[Data excerpts]
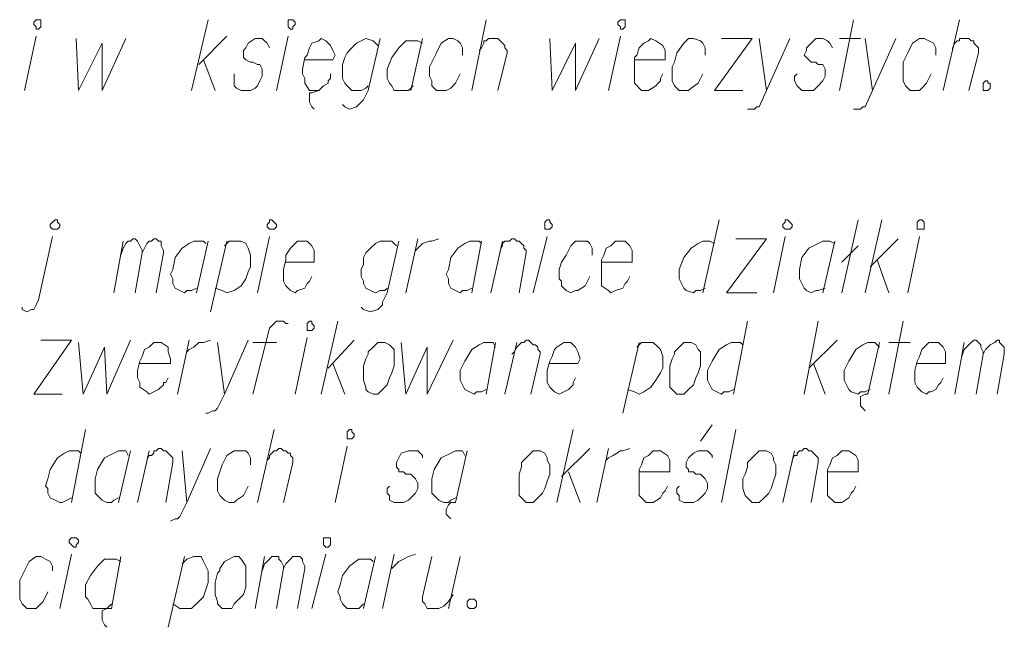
# Model space of a CAD drawing. Header units: metres. Extents: x 7431553 to 7432401, y 5544342 to 5544539.
# Tile 77 of 180: x 7432158 to 7432175, y 5544342 to 5544353. Entities that reach past the tile are written whole.
import ezdxf

# ---------------------------------------------------------------- set-up
doc = ezdxf.new("R2010")
doc.units = ezdxf.units.M
doc.header["$MEASUREMENT"] = 0
doc.layers.add('BG-PR90-PB-PZT-PZT01_2026_04_14$0$MAPA DCP', color=7, linetype='Continuous', lineweight=0)
doc.layers.add('PRIMETECH_XREF', color=7, linetype='Continuous', lineweight=5)

# ---------------------------------------------------------------- blocks, each defined once
blk = doc.blocks.new('BG-PR90-PB-PZT-PZT01_2026_04_14$0$Naddrwiną2025_v2klauzulap')
at = {"layer": 'BG-PR90-PB-PZT-PZT01_2026_04_14$0$MAPA DCP', "linetype": 'Continuous', "lineweight": 9, "transparency": 33554687}
for points in [[(7431815.295, 5544588.689), (7431815.168, 5544588.731), (7431815.126, 5544588.774), (7431815.083, 5544588.816), (7431815.041, 5544588.858), (7431814.999, 5544588.901), (7431814.999, 5544588.943), (7431815.041, 5544588.985), (7431815.083, 5544589.028), (7431815.126, 5544589.028), (7431815.21, 5544589.07), (7431815.253, 5544589.07), (7431815.168, 5544589.112), (7431815.126, 5544589.155), (7431815.083, 5544589.197), (7431815.041, 5544589.282), (7431814.999, 5544589.324), (7431814.999, 5544589.366), (7431815.041, 5544589.366), (7431815.083, 5544589.409), (7431815.126, 5544589.451), (7431815.21, 5544589.451), (7431815.253, 5544589.451), (7431815.972, 5544589.324)], [(7431809.792, 5544588.52), (7431809.749, 5544588.52), (7431809.665, 5544588.562), (7431809.622, 5544588.604), (7431809.622, 5544588.647), (7431809.58, 5544588.647), (7431809.58, 5544588.689), (7431809.58, 5544588.774), (7431809.58, 5544588.816), (7431809.622, 5544588.858), (7431809.622, 5544588.901), (7431809.665, 5544588.901), (7431809.707, 5544588.943), (7431809.749, 5544588.985), (7431809.792, 5544588.985), (7431809.834, 5544588.985), (7431810.511, 5544588.816)], [(7431815.972, 5544588.943), (7431815.253, 5544589.07)], [(7431810.511, 5544588.35), (7431809.241, 5544588.647)], [(7431815.972, 5544588.562), (7431815.041, 5544588.731)], [(7431815.422, 5544587.885), (7431815.422, 5544588.393), (7431815.21, 5544588.393), (7431815.125, 5544588.35), (7431815.041, 5544588.266), (7431815.041, 5544588.181), (7431815.041, 5544588.096), (7431815.125, 5544588.012), (7431815.168, 5544587.969), (7431815.295, 5544587.927), (7431815.38, 5544587.885), (7431815.549, 5544587.842), (7431815.676, 5544587.842), (7431815.761, 5544587.842), (7431815.845, 5544587.885), (7431815.93, 5544587.969), (7431815.972, 5544588.054), (7431815.93, 5544588.096), (7431815.93, 5544588.139), (7431815.888, 5544588.223), (7431815.803, 5544588.266), (7431815.761, 5544588.308), (7431815.676, 5544588.35)], [(7431809.876, 5544588.223), (7431809.749, 5544588.223), (7431809.665, 5544588.181), (7431809.622, 5544588.096), (7431809.58, 5544588.012), (7431809.58, 5544587.927), (7431809.665, 5544587.8), (7431809.834, 5544587.715), (7431810.003, 5544587.631), (7431810.088, 5544587.631), (7431810.257, 5544587.631), (7431810.342, 5544587.631), (7431810.427, 5544587.673), (7431810.511, 5544587.758), (7431810.511, 5544587.8), (7431810.511, 5544587.927), (7431810.469, 5544587.969), (7431810.384, 5544588.054), (7431810.215, 5544588.139)], [(7431814.152, 5544587.715), (7431813.136, 5544587.927)], [(7431815.041, 5544587.377), (7431815.041, 5544587.758)], [(7431809.58, 5544587.504), (7431810.511, 5544587.08), (7431810.808, 5544586.953), (7431810.808, 5544586.911), (7431810.85, 5544586.869), (7431810.85, 5544586.784), (7431810.85, 5544586.742)], [(7431813.686, 5544587.038), (7431813.178, 5544587.546)], [(7431815.972, 5544587.377), (7431814.66, 5544587.631)], [(7431813.559, 5544587.165), (7431814.152, 5544587.377)], [(7431814.152, 5544586.953), (7431812.84, 5544587.25)], [(7431815.041, 5544587.207), (7431815.972, 5544586.996)], [(7431815.126, 5544587.207), (7431815.041, 5544587.123), (7431815.041, 5544586.996), (7431815.083, 5544586.911), (7431815.168, 5544586.784), (7431815.38, 5544586.657), (7431815.549, 5544586.572), (7431815.676, 5544586.572), (7431815.718, 5544586.572), (7431815.803, 5544586.615), (7431815.888, 5544586.657), (7431815.93, 5544586.699), (7431815.972, 5544586.826), (7431815.93, 5544586.869), (7431815.93, 5544586.953), (7431815.888, 5544587.038)], [(7431809.58, 5544586.953), (7431810.511, 5544587.08)], [(7431815.972, 5544586.996), (7431815.972, 5544586.953), (7431816.015, 5544586.869), (7431816.184, 5544586.869), (7431816.226, 5544586.911), (7431816.269, 5544586.953)], [(7431809.58, 5544586.488), (7431809.58, 5544586.869)], [(7431814.152, 5544586.53), (7431812.84, 5544586.826)], [(7431813.602, 5544586.53), (7431813.305, 5544586.826)], [(7431817.369, 5544586.276), (7431817.369, 5544586.826), (7431817.158, 5544586.826), (7431817.073, 5544586.784), (7431816.988, 5544586.657), (7431816.988, 5544586.572), (7431816.988, 5544586.53), (7431817.073, 5544586.445), (7431817.115, 5544586.361), (7431817.242, 5544586.318), (7431817.327, 5544586.276), (7431817.496, 5544586.276), (7431817.623, 5544586.276), (7431817.708, 5544586.276), (7431817.793, 5544586.276), (7431817.92, 5544586.403), (7431817.92, 5544586.445), (7431817.92, 5544586.53), (7431817.835, 5544586.657), (7431817.75, 5544586.699), (7431817.708, 5544586.742), (7431817.623, 5544586.784)], [(7431810.511, 5544586.488), (7431809.241, 5544586.742)], [(7431815.507, 5544585.937), (7431814.999, 5544586.445)], [(7431809.749, 5544586.361), (7431809.665, 5544586.318), (7431809.622, 5544586.276), (7431809.58, 5544586.191), (7431809.58, 5544586.149), (7431809.58, 5544586.064), (7431809.665, 5544585.98), (7431809.749, 5544585.895), (7431809.792, 5544585.895), (7431809.876, 5544585.853), (7431809.919, 5544585.895), (7431809.961, 5544585.937), (7431810.003, 5544585.98), (7431810.003, 5544586.064), (7431810.046, 5544586.107), (7431810.046, 5544586.191), (7431810.13, 5544586.234), (7431810.173, 5544586.234), (7431810.257, 5544586.234), (7431810.342, 5544586.191), (7431810.427, 5544586.107), (7431810.469, 5544586.064), (7431810.511, 5544586.022), (7431810.511, 5544585.937), (7431810.511, 5544585.81), (7431810.469, 5544585.768), (7431810.427, 5544585.726), (7431810.342, 5544585.683), (7431810.257, 5544585.683), (7431810.215, 5544585.726)], [(7431813.221, 5544586.403), (7431814.152, 5544586.191)], [(7431813.263, 5544586.403), (7431813.221, 5544586.318), (7431813.221, 5544586.191), (7431813.263, 5544586.107), (7431813.348, 5544585.937), (7431813.517, 5544585.81), (7431813.729, 5544585.768), (7431813.813, 5544585.768), (7431813.898, 5544585.768), (7431813.983, 5544585.81), (7431814.067, 5544585.853), (7431814.11, 5544585.895), (7431814.152, 5544585.98), (7431814.11, 5544586.064), (7431814.11, 5544586.107), (7431814.067, 5544586.234)], [(7431815.972, 5544585.853), (7431814.66, 5544586.107)], [(7431815.422, 5544586.022), (7431815.972, 5544586.234)], [(7431817.2, 5544585.641), (7431817.158, 5544585.641), (7431817.073, 5544585.683), (7431817.073, 5544585.726), (7431817.031, 5544585.726), (7431816.988, 5544585.768), (7431816.988, 5544585.81), (7431816.946, 5544585.853), (7431816.946, 5544585.895), (7431816.988, 5544585.937), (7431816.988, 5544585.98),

§ **REQUIRED WORK**:
Your task is to repeat the opening line of the entries above and each line after it, ending with the line that has "import ezdxf". Do not include the pictures.

§ **TASK OUTPUT**:
# Model space of a CAD drawing. Header units: metres. Extents: x 7431553 to 7432401, y 5544342 to 5544539.
# Tile 77 of 180: x 7432158 to 7432175, y 5544342 to 5544353. Entities that reach past the tile are written whole.
import ezdxf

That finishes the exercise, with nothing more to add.